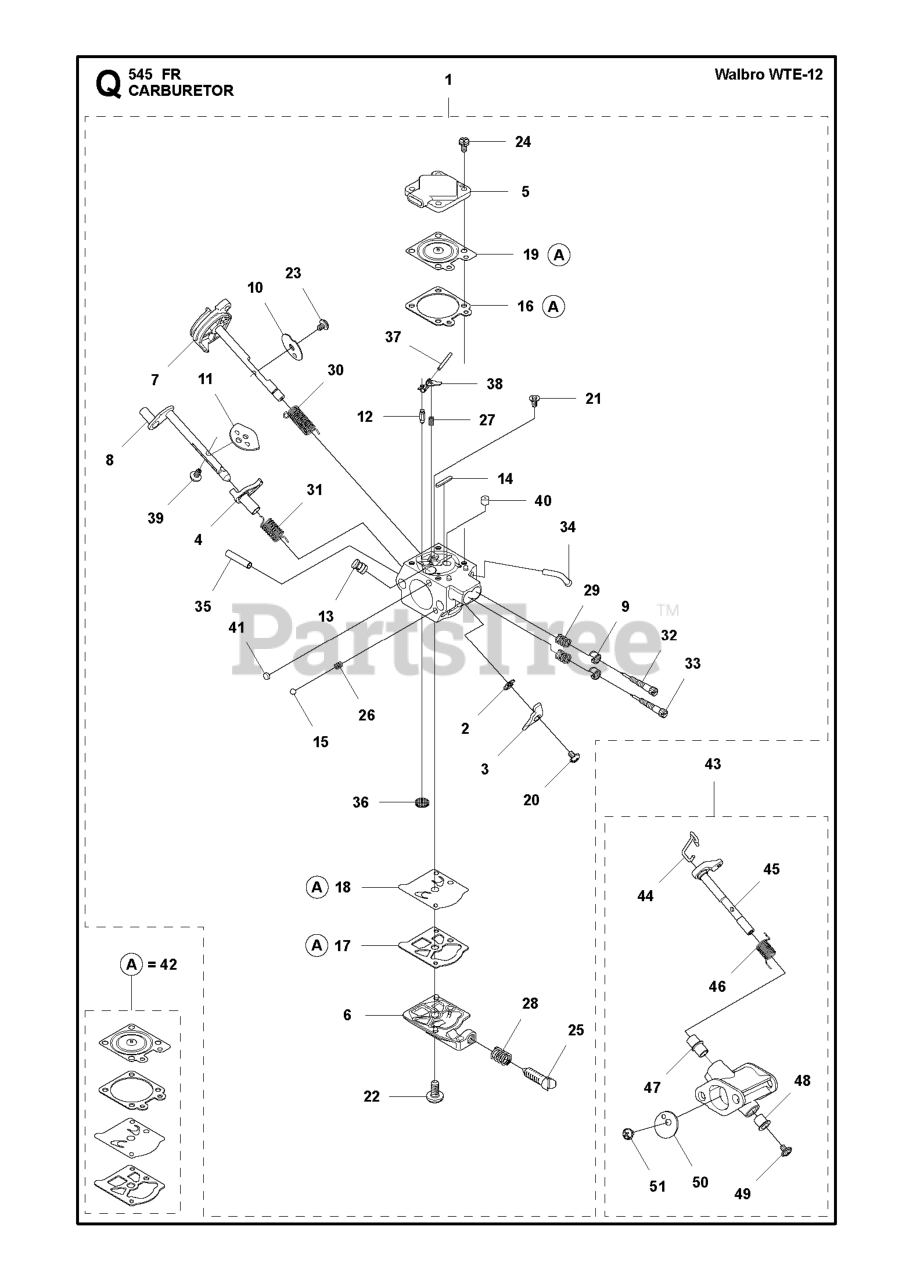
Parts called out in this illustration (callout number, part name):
1	RP CARBURETTOR ASSY
2	E CLIP
7	SHAFT ASSY
9	LIMITER CAP
10	THROTTLE FLAP
12	INLET NEEDLE
13	NOZZLE ASSY
19	DIAPHRAGM ASSY
23	SCREW
28	SPRING
36	FUEL INLET SCREEN
37	FULCRUM PIN
41	PLUG WELCH
49	SCREW
51	SCREW

• • • • • • •

> **Description of the task**:
Output each record verbatim, but skip anything that is a picture.

> **Written answer**:
Parts called out in this illustration (callout number, part name):
1	RP CARBURETTOR ASSY
2	E CLIP
7	SHAFT ASSY
9	LIMITER CAP
10	THROTTLE FLAP
12	INLET NEEDLE
13	NOZZLE ASSY
19	DIAPHRAGM ASSY
23	SCREW
28	SPRING
36	FUEL INLET SCREEN
37	FULCRUM PIN
41	PLUG WELCH
49	SCREW
51	SCREW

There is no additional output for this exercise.